Action item: Return every line of the listing that includes the string "TQFP".

Data for the task:
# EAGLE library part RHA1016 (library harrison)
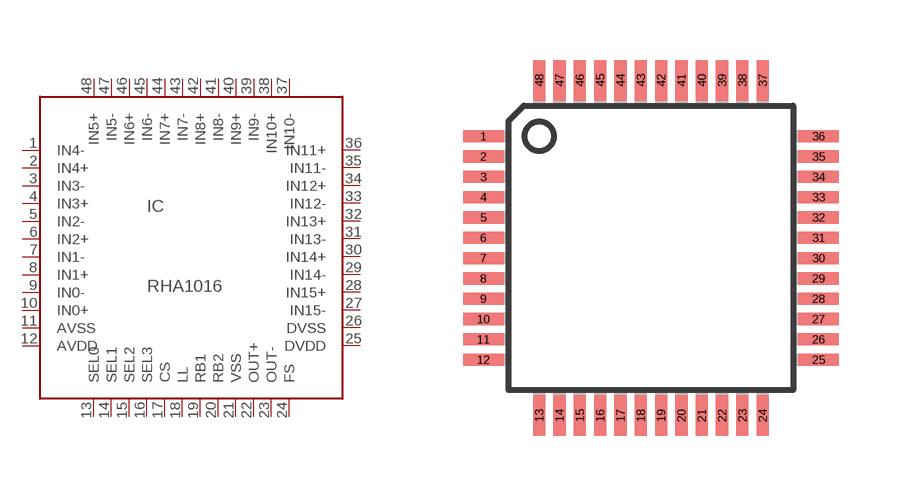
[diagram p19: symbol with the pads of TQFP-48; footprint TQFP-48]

Designator prefix IC

## RHA1016QFP  [TQFP-48]
1  IN4-
2  IN4+
3  IN3-
4  IN3+
5  IN2-
6  IN2+
7  IN1-
8  IN1+
9  IN0-
10  IN0+
11  AVSS
12  AVDD
13  SEL0
14  SEL1
15  SEL2
16  SEL3
17  CS
18  LL
19  RB1
20  RB2
21  VSS
22  OUT+
23  OUT-
24  FS
25  DVDD
26  DVSS
27  IN15-
28  IN15+
29  IN14-
30  IN14+
31  IN13-
32  IN13+
33  IN12-
34  IN12+
35  IN11-
36  IN11+
37  IN10-
38  IN10+
39  IN9-
40  IN9+
41  IN8-
42  IN8+
43  IN7-
44  IN7+
45  IN6-
46  IN6+
47  IN5-
48  IN5+

## Footprint TQFP-48 (pad centres in mm)
smd 1.016 x 0.305: 1 -4.191,2.794; 2 -4.191,2.286; 3 -4.191,1.778; 4 -4.191,1.27; 5 -4.191,0.762; 6 -4.191,0.254; 7 -4.191,-0.254; 8 -4.191,-0.762; 9 -4.191,-1.27; 10 -4.191,-1.778; 11 -4.191,-2.286; 12 -4.191,-2.794; 25 4.191,-2.794; 26 4.191,-2.286; 27 4.191,-1.778; 28 4.191,-1.27; 29 4.191,-0.762; 30 4.191,-0.254; 31 4.191,0.254; 32 4.191,0.762; 33 4.191,1.27; 34 4.191,1.778; 35 4.191,2.286; 36 4.191,2.794
smd 0.305 x 1.016: 13 -2.794,-4.191; 14 -2.286,-4.191; 15 -1.778,-4.191; 16 -1.27,-4.191; 17 -0.762,-4.191; 18 -0.254,-4.191; 19 0.254,-4.191; 20 0.762,-4.191; 21 1.27,-4.191; 22 1.778,-4.191; 23 2.286,-4.191; 24 2.794,-4.191; 37 2.794,4.191; 38 2.286,4.191; 39 1.778,4.191; 40 1.27,4.191; 41 0.762,4.191; 42 0.254,4.191; 43 -0.254,4.191; 44 -0.762,4.191; 45 -1.27,4.191; 46 -1.778,4.191; 47 -2.286,4.191; 48 -2.794,4.191

Task output:
[diagram p19: symbol with the pads of TQFP-48; footprint TQFP-48]
## RHA1016QFP  [TQFP-48]
## Footprint TQFP-48 (pad centres in mm)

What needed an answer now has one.